### Task item:
Once the line with "Sketch1 on xy-plane, origin" is found in the entries below, print it and each following line exactly, stopping after the line with "Wall1: Thickness 1, Profile Sketch1"; print nothing else.

'''

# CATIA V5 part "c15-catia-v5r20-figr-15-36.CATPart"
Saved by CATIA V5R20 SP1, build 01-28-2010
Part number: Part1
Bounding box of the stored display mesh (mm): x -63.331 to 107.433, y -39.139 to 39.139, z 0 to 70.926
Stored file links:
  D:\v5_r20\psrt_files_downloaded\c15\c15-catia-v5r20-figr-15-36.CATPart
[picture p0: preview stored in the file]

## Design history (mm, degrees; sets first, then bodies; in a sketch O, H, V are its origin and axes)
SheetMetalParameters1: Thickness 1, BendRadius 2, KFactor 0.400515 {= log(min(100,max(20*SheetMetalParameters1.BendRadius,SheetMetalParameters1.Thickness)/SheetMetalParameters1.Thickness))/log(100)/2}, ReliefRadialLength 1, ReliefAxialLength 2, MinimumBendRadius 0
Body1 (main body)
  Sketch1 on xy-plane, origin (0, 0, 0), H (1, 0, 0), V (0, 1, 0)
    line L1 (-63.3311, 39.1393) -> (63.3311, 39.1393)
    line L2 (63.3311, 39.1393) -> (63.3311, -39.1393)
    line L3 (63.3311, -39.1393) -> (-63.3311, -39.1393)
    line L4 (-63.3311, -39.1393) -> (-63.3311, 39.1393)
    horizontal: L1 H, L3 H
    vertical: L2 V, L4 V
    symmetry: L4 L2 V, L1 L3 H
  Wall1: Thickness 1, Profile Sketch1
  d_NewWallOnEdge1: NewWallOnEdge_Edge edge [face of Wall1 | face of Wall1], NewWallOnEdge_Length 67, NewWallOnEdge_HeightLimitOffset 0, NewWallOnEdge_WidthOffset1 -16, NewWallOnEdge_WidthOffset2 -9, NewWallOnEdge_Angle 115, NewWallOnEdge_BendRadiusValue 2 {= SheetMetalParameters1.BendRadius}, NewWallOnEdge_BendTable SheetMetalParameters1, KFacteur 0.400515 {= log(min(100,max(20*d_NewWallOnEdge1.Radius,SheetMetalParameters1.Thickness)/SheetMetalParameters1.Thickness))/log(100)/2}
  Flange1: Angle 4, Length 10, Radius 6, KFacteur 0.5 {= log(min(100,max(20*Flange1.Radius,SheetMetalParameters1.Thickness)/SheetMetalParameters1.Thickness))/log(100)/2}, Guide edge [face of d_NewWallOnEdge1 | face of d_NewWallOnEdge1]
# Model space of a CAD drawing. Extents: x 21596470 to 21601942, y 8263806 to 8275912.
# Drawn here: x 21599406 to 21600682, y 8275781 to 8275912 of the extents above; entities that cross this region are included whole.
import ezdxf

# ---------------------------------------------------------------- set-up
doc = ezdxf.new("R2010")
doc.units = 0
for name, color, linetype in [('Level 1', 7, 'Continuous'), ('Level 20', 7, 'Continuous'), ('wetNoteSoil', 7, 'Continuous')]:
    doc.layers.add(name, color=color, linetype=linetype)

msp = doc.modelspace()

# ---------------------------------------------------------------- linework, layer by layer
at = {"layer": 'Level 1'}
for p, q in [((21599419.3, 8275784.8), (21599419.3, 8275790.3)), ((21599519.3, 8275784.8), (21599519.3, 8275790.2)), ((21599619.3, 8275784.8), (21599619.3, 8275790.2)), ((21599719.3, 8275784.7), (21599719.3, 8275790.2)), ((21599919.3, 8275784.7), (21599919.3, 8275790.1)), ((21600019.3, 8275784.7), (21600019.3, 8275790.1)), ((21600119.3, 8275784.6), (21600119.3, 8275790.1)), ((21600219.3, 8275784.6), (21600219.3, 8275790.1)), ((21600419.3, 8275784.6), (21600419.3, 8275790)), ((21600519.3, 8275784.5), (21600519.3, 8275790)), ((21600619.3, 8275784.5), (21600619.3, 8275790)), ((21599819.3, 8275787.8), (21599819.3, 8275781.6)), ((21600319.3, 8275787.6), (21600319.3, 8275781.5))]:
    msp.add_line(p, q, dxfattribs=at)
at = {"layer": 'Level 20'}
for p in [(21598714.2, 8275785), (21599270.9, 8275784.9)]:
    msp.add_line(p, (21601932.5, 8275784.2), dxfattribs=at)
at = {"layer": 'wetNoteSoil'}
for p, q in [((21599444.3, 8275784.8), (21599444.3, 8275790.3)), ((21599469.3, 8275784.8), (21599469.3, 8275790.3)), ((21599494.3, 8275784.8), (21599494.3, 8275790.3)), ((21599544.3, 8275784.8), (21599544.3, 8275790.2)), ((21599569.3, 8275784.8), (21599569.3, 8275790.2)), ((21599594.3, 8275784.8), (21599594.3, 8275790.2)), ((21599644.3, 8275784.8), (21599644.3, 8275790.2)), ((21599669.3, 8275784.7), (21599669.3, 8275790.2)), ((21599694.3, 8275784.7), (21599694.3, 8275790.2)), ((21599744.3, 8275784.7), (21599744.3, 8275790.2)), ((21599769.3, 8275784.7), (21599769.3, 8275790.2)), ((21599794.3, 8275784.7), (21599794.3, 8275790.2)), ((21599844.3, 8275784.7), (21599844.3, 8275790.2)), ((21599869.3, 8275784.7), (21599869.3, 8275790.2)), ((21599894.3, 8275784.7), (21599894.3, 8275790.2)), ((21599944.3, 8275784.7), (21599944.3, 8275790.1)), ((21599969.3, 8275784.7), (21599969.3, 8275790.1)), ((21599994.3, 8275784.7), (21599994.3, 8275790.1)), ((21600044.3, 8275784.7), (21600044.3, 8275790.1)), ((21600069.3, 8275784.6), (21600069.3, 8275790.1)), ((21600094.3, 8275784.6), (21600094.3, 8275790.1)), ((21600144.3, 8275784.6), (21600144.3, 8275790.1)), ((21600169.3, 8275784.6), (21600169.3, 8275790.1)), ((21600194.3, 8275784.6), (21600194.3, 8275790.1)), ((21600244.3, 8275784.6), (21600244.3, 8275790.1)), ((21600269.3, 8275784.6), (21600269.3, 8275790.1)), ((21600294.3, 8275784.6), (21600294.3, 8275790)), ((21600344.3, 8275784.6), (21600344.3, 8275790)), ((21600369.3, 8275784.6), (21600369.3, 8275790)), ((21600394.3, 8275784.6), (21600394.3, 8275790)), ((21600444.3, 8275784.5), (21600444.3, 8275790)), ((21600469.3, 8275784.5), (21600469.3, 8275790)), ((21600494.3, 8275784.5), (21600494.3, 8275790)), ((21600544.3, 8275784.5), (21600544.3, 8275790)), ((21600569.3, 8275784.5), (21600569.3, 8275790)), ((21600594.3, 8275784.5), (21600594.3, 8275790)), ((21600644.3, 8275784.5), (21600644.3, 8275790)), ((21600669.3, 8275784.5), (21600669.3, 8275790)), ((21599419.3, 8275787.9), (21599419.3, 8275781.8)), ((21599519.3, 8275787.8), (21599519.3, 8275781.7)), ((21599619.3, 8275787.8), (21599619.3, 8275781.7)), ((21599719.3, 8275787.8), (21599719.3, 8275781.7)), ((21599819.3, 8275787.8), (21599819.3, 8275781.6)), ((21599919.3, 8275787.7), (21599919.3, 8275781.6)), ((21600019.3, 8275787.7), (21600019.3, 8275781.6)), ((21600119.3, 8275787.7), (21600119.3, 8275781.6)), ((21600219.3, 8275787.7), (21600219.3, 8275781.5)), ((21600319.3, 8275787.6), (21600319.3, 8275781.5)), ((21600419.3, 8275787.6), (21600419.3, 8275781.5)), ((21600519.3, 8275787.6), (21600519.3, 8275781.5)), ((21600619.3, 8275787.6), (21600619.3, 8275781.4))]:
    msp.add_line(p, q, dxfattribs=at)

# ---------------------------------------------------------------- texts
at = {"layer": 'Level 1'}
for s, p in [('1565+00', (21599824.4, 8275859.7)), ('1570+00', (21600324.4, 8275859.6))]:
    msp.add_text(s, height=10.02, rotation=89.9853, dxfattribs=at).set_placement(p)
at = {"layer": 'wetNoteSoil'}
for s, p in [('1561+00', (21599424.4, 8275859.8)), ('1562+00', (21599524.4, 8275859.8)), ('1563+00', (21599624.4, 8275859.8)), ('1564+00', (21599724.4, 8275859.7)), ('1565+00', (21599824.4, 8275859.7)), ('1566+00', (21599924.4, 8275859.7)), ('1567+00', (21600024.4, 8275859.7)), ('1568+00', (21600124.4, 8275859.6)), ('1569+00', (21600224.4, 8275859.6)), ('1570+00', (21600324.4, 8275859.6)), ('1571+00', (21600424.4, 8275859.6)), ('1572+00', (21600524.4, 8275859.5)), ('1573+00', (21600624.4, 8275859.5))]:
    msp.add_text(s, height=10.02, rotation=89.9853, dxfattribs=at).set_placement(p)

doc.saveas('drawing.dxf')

'''

### Output:
  Sketch1 on xy-plane, origin (0, 0, 0), H (1, 0, 0), V (0, 1, 0)
    line L1 (-63.3311, 39.1393) -> (63.3311, 39.1393)
    line L2 (63.3311, 39.1393) -> (63.3311, -39.1393)
    line L3 (63.3311, -39.1393) -> (-63.3311, -39.1393)
    line L4 (-63.3311, -39.1393) -> (-63.3311, 39.1393)
    horizontal: L1 H, L3 H
    vertical: L2 V, L4 V
    symmetry: L4 L2 V, L1 L3 H
  Wall1: Thickness 1, Profile Sketch1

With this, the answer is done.